You may have encountered the benefits of deepfakes in entertainment, like in the most recent Star Wars films, or in satire, like this Star Trek throwback with Jeff Bezos and Elon Musk’s faces subbed in. However, the technology also has utility in human rights and disability accessibility.

The Museum of the Moving Image exhibit features clips from Welcome to Chechnya, an award-winning documentary by David France that uses deepfake technology to conceal the true faces of LGBTQ activists facing persecution in the Russian republic. This allows the viewer to see the emotion of the subjects while still protecting their identities.

The technology has also been used to improve accessibility for those who have lost their voice due to an illness, injury, or disability, such as Lou Gehrig’s disease, Burgund says. VocaliD, for instance, uses AI to recreate the user’s voice from old recordings for text-to-speech technology, or help them pick a voice that best fits their personality from a bank of options. 

[Related: Deepfakes could help us relive history—or rewrite it]

While Panetta and Burgund want the viewers of their deepfake to interrogate the origins of the media they encounter, they don’t want the audience to be alarmed to the point of creating a zero-trust society.

“This is not about trying to scare people into not believing anything they see,” Panetta says, “because that is as problematic as the misinformation itself.”

Just like trust in media can be weaponized, distrust in media can be weaponized, too. 

As the exhibit points out, even the theoretical existence of deepfakes results in a “liar’s dividend,” where one can insinuate a real video is a deepfake to sow seeds of doubt.

In 2018, Gabonese President Ali Bongo Ondimba gave a New Year’s address after suffering a stroke and being out of the public eye as a result. His political rivals said that he looked unnatural and pushed the idea that the video was a deepfake. While experts agreed the video seemed off, no one could say for sure it was a deepfake or not, with some attributing the peculiarity of Bongo’s appearance to his poor health. A week later, citing the oddness of the video, his opponents attempted a coup but were unsuccessful. 
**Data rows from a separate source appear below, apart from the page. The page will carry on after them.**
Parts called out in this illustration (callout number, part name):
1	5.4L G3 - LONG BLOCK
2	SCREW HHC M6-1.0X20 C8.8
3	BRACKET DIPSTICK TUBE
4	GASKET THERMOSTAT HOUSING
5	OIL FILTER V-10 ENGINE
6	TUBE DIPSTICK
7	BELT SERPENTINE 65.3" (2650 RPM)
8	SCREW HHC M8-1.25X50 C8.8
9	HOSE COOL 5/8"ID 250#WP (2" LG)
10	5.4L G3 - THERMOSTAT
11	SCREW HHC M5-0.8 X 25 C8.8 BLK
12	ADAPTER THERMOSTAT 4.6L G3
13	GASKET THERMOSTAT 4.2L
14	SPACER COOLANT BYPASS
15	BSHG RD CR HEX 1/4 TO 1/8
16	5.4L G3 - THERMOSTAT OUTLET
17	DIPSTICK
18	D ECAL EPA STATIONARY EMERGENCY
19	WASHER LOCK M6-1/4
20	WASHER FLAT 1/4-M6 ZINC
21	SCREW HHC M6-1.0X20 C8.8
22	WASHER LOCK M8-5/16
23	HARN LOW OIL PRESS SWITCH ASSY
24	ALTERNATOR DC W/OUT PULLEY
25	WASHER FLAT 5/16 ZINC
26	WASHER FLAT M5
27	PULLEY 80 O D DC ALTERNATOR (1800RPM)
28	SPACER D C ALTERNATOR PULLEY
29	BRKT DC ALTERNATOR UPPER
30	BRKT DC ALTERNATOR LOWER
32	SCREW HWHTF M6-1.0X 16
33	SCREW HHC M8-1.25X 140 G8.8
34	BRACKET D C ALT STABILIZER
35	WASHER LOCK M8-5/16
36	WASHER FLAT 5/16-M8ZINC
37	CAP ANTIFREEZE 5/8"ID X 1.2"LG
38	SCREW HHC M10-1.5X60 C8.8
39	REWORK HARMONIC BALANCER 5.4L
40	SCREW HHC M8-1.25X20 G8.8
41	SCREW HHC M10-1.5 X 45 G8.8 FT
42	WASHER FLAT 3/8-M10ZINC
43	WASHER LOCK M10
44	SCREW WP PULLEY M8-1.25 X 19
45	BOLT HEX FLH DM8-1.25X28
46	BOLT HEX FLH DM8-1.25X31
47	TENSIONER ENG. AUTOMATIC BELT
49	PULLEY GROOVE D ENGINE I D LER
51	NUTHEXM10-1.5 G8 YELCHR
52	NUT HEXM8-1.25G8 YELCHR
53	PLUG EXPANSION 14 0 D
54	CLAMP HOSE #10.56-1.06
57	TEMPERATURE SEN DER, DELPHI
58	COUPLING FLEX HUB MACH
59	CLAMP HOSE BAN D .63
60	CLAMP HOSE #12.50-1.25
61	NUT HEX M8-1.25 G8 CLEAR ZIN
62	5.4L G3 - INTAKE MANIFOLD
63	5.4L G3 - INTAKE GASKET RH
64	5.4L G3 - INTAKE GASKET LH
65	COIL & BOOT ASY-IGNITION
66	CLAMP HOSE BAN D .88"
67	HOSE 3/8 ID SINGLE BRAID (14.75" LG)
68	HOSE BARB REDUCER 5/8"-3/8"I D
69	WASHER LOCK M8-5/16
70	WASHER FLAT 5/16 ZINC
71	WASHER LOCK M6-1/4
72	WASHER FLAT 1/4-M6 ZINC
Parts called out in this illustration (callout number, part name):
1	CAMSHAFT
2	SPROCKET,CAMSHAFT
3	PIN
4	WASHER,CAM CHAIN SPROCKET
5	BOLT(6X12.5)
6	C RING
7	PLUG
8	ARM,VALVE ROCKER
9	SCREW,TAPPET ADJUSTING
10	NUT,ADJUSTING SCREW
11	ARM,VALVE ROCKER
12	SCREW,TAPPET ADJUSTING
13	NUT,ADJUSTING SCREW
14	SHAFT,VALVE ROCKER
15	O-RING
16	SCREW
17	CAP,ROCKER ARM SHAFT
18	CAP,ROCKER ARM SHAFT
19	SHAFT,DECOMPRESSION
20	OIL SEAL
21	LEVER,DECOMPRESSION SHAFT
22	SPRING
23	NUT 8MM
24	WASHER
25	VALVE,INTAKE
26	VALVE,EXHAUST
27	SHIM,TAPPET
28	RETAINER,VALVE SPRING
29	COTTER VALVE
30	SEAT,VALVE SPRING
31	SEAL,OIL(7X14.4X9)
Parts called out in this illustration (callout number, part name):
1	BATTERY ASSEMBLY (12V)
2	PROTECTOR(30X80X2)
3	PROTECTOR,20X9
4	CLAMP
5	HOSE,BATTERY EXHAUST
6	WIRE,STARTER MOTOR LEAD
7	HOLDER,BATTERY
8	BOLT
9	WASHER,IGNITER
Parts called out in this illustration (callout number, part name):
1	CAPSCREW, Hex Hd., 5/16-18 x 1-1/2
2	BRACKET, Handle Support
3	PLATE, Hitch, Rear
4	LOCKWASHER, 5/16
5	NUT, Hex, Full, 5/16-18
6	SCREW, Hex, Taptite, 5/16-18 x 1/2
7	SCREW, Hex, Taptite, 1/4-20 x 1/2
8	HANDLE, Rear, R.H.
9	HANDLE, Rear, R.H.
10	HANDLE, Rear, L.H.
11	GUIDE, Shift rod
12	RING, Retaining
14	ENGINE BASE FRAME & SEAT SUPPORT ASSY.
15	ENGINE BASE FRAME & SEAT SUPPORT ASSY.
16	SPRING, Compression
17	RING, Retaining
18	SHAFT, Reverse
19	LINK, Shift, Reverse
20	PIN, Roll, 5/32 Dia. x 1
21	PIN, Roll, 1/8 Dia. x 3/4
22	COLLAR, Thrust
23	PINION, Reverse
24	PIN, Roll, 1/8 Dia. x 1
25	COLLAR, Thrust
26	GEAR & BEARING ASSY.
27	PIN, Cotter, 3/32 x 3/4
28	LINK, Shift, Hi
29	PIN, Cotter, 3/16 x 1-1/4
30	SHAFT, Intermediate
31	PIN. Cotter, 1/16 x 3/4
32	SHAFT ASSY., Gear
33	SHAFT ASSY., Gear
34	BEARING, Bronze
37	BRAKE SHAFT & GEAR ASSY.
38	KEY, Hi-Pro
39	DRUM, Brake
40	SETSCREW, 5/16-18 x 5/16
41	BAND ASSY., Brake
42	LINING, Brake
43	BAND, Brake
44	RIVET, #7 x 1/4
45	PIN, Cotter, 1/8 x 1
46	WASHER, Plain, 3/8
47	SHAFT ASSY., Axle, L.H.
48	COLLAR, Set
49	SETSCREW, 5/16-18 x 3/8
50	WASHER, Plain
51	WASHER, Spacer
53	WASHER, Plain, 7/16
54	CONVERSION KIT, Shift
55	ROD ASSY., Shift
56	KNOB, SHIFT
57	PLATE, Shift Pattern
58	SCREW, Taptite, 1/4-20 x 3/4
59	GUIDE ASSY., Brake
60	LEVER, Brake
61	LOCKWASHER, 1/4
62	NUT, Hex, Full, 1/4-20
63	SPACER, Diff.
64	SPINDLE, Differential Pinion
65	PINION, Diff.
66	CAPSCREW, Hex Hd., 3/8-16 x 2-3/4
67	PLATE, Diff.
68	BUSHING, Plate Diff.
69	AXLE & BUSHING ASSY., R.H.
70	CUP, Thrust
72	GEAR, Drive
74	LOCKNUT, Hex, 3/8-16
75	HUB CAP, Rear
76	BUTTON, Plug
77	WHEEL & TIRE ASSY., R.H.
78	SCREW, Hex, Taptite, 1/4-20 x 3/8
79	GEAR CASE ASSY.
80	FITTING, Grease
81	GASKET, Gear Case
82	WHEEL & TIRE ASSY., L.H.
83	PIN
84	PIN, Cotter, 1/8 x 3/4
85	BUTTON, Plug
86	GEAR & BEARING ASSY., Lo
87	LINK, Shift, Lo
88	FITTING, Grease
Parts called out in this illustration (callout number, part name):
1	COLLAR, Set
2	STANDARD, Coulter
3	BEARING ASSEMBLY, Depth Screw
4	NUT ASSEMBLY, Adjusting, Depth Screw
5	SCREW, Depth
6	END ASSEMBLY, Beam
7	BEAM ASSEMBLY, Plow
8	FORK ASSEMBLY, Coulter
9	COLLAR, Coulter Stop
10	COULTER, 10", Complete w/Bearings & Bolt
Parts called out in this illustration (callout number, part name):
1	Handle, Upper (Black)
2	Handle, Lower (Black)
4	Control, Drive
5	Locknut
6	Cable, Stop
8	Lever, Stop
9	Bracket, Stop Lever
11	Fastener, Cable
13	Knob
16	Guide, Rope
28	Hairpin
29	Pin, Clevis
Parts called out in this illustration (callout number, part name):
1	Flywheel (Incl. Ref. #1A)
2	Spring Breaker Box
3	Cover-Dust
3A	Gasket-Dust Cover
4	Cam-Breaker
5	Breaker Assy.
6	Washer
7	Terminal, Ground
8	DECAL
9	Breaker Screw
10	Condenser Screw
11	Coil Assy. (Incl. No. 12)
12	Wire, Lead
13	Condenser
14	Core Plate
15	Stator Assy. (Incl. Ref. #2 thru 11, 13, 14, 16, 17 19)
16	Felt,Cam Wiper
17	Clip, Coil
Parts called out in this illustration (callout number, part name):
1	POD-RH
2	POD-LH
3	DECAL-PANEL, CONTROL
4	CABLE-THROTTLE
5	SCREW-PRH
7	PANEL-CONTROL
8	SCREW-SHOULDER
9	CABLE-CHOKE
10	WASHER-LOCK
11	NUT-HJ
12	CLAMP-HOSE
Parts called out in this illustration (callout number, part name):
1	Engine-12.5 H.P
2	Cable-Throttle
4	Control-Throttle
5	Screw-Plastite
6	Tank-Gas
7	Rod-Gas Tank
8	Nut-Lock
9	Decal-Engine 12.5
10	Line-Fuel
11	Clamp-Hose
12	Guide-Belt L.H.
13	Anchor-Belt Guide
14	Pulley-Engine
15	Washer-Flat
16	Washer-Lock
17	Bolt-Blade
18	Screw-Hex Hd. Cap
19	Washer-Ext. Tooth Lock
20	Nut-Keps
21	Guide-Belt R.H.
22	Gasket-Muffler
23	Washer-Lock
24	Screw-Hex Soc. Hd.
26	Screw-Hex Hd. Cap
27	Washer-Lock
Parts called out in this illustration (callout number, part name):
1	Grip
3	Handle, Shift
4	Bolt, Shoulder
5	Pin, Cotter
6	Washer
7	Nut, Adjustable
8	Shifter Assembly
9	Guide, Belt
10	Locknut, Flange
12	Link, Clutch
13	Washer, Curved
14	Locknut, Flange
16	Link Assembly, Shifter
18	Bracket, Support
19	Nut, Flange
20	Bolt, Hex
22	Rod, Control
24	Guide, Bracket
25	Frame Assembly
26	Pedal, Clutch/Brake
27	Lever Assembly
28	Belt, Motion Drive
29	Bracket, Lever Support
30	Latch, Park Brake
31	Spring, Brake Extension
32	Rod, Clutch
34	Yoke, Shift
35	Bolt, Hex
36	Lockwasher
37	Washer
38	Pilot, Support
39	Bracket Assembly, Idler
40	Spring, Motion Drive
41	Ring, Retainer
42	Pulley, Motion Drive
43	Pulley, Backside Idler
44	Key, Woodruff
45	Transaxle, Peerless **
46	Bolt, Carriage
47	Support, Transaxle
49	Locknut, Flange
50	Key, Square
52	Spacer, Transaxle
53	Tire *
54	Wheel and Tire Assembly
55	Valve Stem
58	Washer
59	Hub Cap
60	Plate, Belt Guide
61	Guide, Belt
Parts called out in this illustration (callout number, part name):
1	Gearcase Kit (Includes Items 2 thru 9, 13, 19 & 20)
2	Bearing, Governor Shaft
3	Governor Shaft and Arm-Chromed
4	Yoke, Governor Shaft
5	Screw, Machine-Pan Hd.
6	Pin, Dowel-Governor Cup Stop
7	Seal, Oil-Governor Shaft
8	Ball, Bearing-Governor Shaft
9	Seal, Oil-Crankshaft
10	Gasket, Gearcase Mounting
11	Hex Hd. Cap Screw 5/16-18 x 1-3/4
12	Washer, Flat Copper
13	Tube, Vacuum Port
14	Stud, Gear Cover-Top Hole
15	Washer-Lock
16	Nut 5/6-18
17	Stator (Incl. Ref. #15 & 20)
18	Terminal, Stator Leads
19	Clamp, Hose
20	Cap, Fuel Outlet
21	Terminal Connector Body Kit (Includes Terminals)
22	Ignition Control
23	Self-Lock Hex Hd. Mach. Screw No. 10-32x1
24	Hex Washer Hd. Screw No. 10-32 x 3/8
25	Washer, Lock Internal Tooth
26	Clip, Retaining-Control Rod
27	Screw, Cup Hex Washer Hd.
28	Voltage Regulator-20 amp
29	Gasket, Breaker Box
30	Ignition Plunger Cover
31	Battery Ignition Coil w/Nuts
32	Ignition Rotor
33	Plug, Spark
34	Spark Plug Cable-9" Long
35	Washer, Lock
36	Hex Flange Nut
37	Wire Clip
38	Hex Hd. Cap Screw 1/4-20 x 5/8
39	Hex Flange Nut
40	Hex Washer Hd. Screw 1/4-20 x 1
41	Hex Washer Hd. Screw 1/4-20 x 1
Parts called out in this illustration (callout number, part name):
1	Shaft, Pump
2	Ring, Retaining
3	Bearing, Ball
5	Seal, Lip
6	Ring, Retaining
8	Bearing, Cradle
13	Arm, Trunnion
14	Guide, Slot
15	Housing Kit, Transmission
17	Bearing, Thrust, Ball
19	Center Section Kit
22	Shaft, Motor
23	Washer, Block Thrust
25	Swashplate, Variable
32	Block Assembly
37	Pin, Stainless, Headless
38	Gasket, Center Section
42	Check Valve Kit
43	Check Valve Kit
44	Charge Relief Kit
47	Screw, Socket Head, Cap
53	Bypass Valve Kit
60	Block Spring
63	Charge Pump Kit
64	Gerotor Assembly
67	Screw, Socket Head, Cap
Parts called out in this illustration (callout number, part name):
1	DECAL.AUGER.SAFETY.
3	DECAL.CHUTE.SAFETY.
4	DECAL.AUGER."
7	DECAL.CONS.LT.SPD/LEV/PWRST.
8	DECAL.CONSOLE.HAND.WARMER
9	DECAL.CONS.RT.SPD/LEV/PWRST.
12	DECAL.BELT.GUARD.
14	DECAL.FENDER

Wright says that he and his colleagues have started to see more of these cry-wolf situations in the political sphere than actual deepfakes circulating and causing damage. “There can be deepfakes, but they’re not that commonly used,” he says. “What you need to do is understand the source.”

For anyone who’s inundated with information while scrolling through social media and the news, it’s important to pause and question, “how did this information reach me? Who is disseminating this? And can I trust this source?” Doing that can determine whether a deepfake (or cheapfake) becomes potent misinformation or just another video on the internet.  

Deepfake: Unstable Evidence on Screen will be on display at the Museum of the Moving Image in Queens, New York through May 15, 2022.